Fault detection by proper unit testing is vitally important. To be done right, it requires the use of code coverage and path analysis tools. Unfortunately, this type of testing is usually overlooked. Many managers say they cannot afford them. Somehow, though, they can afford to fix the problems after the software has been fielded. This is penny-wise and pound-foolish. It is axiomatic that fixing software faults after the code has been deployed can be up to 100 times more expensive than finding and fixing the during development [8].
Besides path analysis and code coverage tools, automatic testing tools should be used. Human testers cannot hope to match the computer on indefatigability or thoroughness. In large systems, if testing is not automated, it is not done, or done rarely. For example, regression testing, used in systems undergoing modification and evolution, is essential to ensure that errors are not injected into code undergoing change, a very common problem in complex systems. Without automation, the process is onerous and time consuming. It rarely gets done, if at all.

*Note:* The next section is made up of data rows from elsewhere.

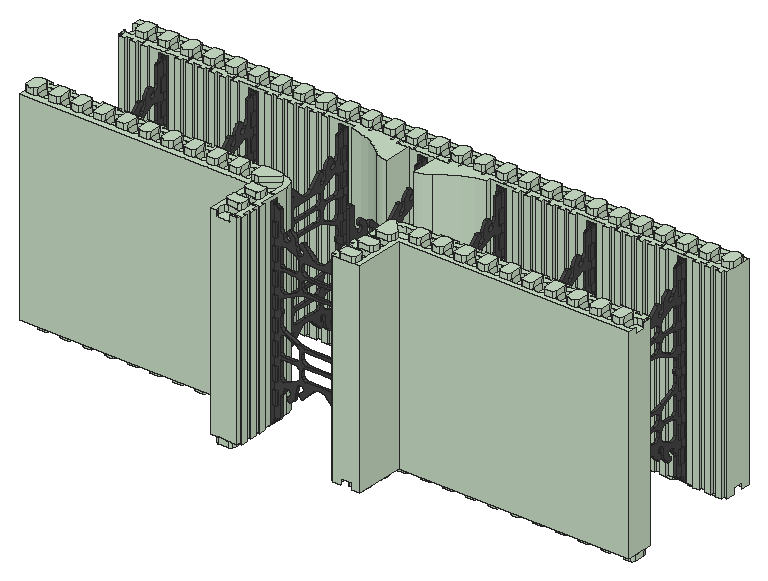
Revit family
Reference planes (in)
  plane 1 "Center (Front/Back)": y = -1
  plane 2: z = 0
  plane 3 "Center (Left/Right)": x = 1
  plane 4: y = 3
  plane 5: y = -5
  plane 6: x = 5
  plane 7: x = -3
  plane 8: z = 18
Forms (in)
  Extrusion 1, solid, material "NUDURA Expanded Polystyrene Foam Insulation"
    sketch origin (0, 0, 0) x (1, 0, 0) y (0, 1, 0)
      loop
        arc (-3.25, -6.49998) -> (-3.61612, -5.6161) -> (-4.5, -5.24998) r 1.25
        line (-4.5, -5.24998) -> (-7.28117, -5.24998) -> (-7.21883, -4.99998) -> (-7.78117, -4.99998) -> (-7.71883, -5.24998) -> (-8.28117, -5.24998) -> (-8.21883, -4.99998) -> (-8.78117, -4.99998) -> (-8.71883, -5.24998) -> (-9.28117, -5.24998) -> (-9.21883, -4.99998) -> (-9.78117, -4.99998) -> (-9.71883, -5.24998) -> (-10.28117, -5.24998) -> (-10.21883, -4.99998) -> (-10.78117, -4.99998) -> (-10.71883, -5.24998) -> (-11.2818, -5.24998) -> (-11.21947, -4.99998) -> (-11.7818, -4.99998) -> (-11.71947, -5.24998) -> (-12.2818, -5.24998) -> (-12.21947, -4.99998) -> (-12.7818, -4.99998) -> (-12.71947, -5.24998) -> (-15.28116, -5.24998) -> (-15.21883, -4.99998) -> (-15.78116, -4.99998) -> (-15.71883, -5.24998) -> (-16.28116, -5.24998) -> (-16.21883, -4.99998) -> (-16.78116, -4.99998) -> (-16.71883, -5.24998) -> (-17.28116, -5.24998) -> (-17.21883, -4.99998) -> (-17.78116, -4.99998) -> (-17.71883, -5.24998) -> (-18.28179, -5.24998) -> (-18.21946, -4.99998) -> (-18.78179, -4.99998) -> (-18.71946, -5.24998) -> (-19.28179, -5.24998) -> (-19.21946, -4.99998) -> (-19.78179, -4.99998) -> (-19.71946, -5.24998) -> (-20.28179, -5.24998) -> (-20.21946, -4.99998) -> (-20.78179, -4.99998) -> (-20.71946, -5.24998) -> (-23.28115, -5.24998) -> (-23.21882, -4.99998) -> (-23.78115, -4.99998) -> (-23.71882, -5.24998) -> (-24.28115, -5.24998) -> (-24.21882, -4.99998) -> (-24.78115, -4.99998) -> (-24.71882, -5.24998) -> (-25.28115, -5.24998) -> (-25.21882, -4.99998) -> (-25.78115, -4.99998) -> (-25.71882, -5.24998) -> (-26, -5.24998) -> (-26, -7.62244) -> (-5.625, -7.62244) -> (-5.625, -11.99744) -> (-3.25, -11.99744) -> (-3.25, -11.71882) -> (-3, -11.78115) -> (-3, -11.21882) -> (-3.25, -11.28115) -> (-3.25, -10.71882) -> (-3, -10.78115) -> (-3, -10.21882) -> (-3.25, -10.28115) -> (-3.25, -9.71882) -> (-3, -9.78115) -> (-3, -9.21882) -> (-3.25, -9.28115) -> (-3.25, -6.49998)
      loop
        line (7, 2.875) -> (7, 3.25) -> (9.28117, 3.25) -> (9.21883, 3) -> (9.78117, 3) -> (9.71883, 3.25) -> (10.28117, 3.25) -> (10.21883, 3) -> (10.78117, 3) -> (10.71883, 3.25) -> (11.28117, 3.25) -> (11.21883, 3) -> (11.78117, 3) -> (11.71883, 3.25) -> (12.28053, 3.25) -> (12.2182, 3) -> (12.78053, 3) -> (12.7182, 3.25) -> (13.28053, 3.25) -> (13.2182, 3) -> (13.78053, 3) -> (13.7182, 3.25) -> (14.28053, 3.25) -> (14.2182, 3) -> (14.78053, 3) -> (14.7182, 3.25) -> (17.28116, 3.25) -> (17.21883, 3) -> (17.78116, 3) -> (17.71883, 3.25) -> (18.28116, 3.25) -> (18.21883, 3) -> (18.78116, 3) -> (18.71883, 3.25) -> (19.28116, 3.25) -> (19.21883, 3) -> (19.78116, 3) -> (19.71883, 3.25) -> (20.28053, 3.25) -> (20.21819, 3) -> (20.78053, 3) -> (20.71819, 3.25) -> (21.28053, 3.25) -> (21.21819, 3) -> (21.78053, 3) -> (21.71819, 3.25) -> (22.28053, 3.25) -> (22.21819, 3) -> (22.78053, 3) -> (22.71819, 3.25) -> (25.28115, 3.25) -> (25.21882, 3) -> (25.78115, 3) -> (25.71882, 3.25) -> (26.28115, 3.25) -> (26.21882, 3) -> (26.78115, 3) -> (26.71882, 3.25) -> (27.28115, 3.25) -> (27.21882, 3) -> (27.78115, 3) -> (27.71882, 3.25) -> (28, 3.25) -> (28, 5.62754) -> (3.25, 5.62754) -> (3.25, 5.17633) -> (3, 5.24332) -> (3, 4.63633) -> (3.25, 4.69867) -> (3.25, 4.17633) -> (3, 4.24332) -> (3, 3.63633) -> (3.25, 3.69867) -> (3.25, 3.25) -> (2.21883, 3.25) -> (2.21883, 0.75162)
        arc (2.21883, 0.75162) -> (2.91296, 0.90605) -> (3.50918, 1.29358) r 2
        arc (3.50918, 1.29358) -> (5.12304, 2.37468) -> (7, 2.875) r 5.91797
      loop
        line (-0.21883, 0.75162) -> (-0.21883, 3.25) -> (-1.25, 3.25) -> (-1.25, 3.69867) -> (-1, 3.63633) -> (-1, 4.24332) -> (-1.25, 4.17633) -> (-1.25, 4.69867) -> (-1, 4.63633) -> (-1, 5.24332) -> (-1.25, 5.17633) -> (-1.25, 5.62754) -> (-26, 5.62754) -> (-26, 3.25) -> (-25.71882, 3.25) -> (-25.78115, 3) -> (-25.21882, 3) -> (-25.28115, 3.25) -> (-24.71882, 3.25) -> (-24.78115, 3) -> (-24.21882, 3) -> (-24.28115, 3.25) -> (-23.71882, 3.25) -> (-23.78115, 3) -> (-23.21882, 3) -> (-23.28115, 3.25) -> (-20.71819, 3.25) -> (-20.78053, 3) -> (-20.21819, 3) -> (-20.28053, 3.25) -> (-19.71819, 3.25) -> (-19.78053, 3) -> (-19.21819, 3) -> (-19.28053, 3.25) -> (-18.71819, 3.25) -> (-18.78053, 3) -> (-18.21819, 3) -> (-18.28053, 3.25) -> (-17.71883, 3.25) -> (-17.78116, 3) -> (-17.21883, 3) -> (-17.28116, 3.25) -> (-16.71883, 3.25) -> (-16.78116, 3) -> (-16.21883, 3) -> (-16.28116, 3.25) -> (-15.71883, 3.25) -> (-15.78116, 3) -> (-15.21883, 3) -> (-15.28116, 3.25) -> (-12.7182, 3.25) -> (-12.78053, 3) -> (-12.2182, 3) -> (-12.28053, 3.25) -> (-11.7182, 3.25) -> (-11.78053, 3) -> (-11.2182, 3) -> (-11.28053, 3.25) -> (-10.7182, 3.25) -> (-10.78053, 3) -> (-10.2182, 3) -> (-10.28053, 3.25) -> (-9.71883, 3.25) -> (-9.78117, 3) -> (-9.21883, 3) -> (-9.28117, 3.25) -> (-8.71883, 3.25) -> (-8.78117, 3) -> (-8.21883, 3) -> (-8.28117, 3.25) -> (-7.71883, 3.25) -> (-7.78117, 3) -> (-7.21883, 3) -> (-7.28117, 3.25) -> (-5, 3.25) -> (-5, 2.875)
        arc (-5, 2.875) -> (-3.12304, 2.37468) -> (-1.50918, 1.29358) r 5.91797
        arc (-1.50918, 1.29358) -> (-0.91296, 0.90605) -> (-0.21883, 0.75162) r 2
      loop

Developing quality code is not simple or easy. It requires discipline and rigor, state-of-the-art tools, and enlightened managers willing to support developers by paying up-front costs, such as giving developers more time to automate and test their code. Developers take pride in their work. When they get the support they need, they know that their managers want them to produce quality code. This makes the work satisfying and rewarding.
Summary
Managing and limiting complexity and promoting clarity is fundamental to developing large software systems. The key ingredient is a robust architecture. The conceptual integrity of the  architecture, its elegance and clarity, depends on a single mind. Developers build upon the architecture and ensure its robustness by rigorous application of basic software engineering principles and best practices in their code development.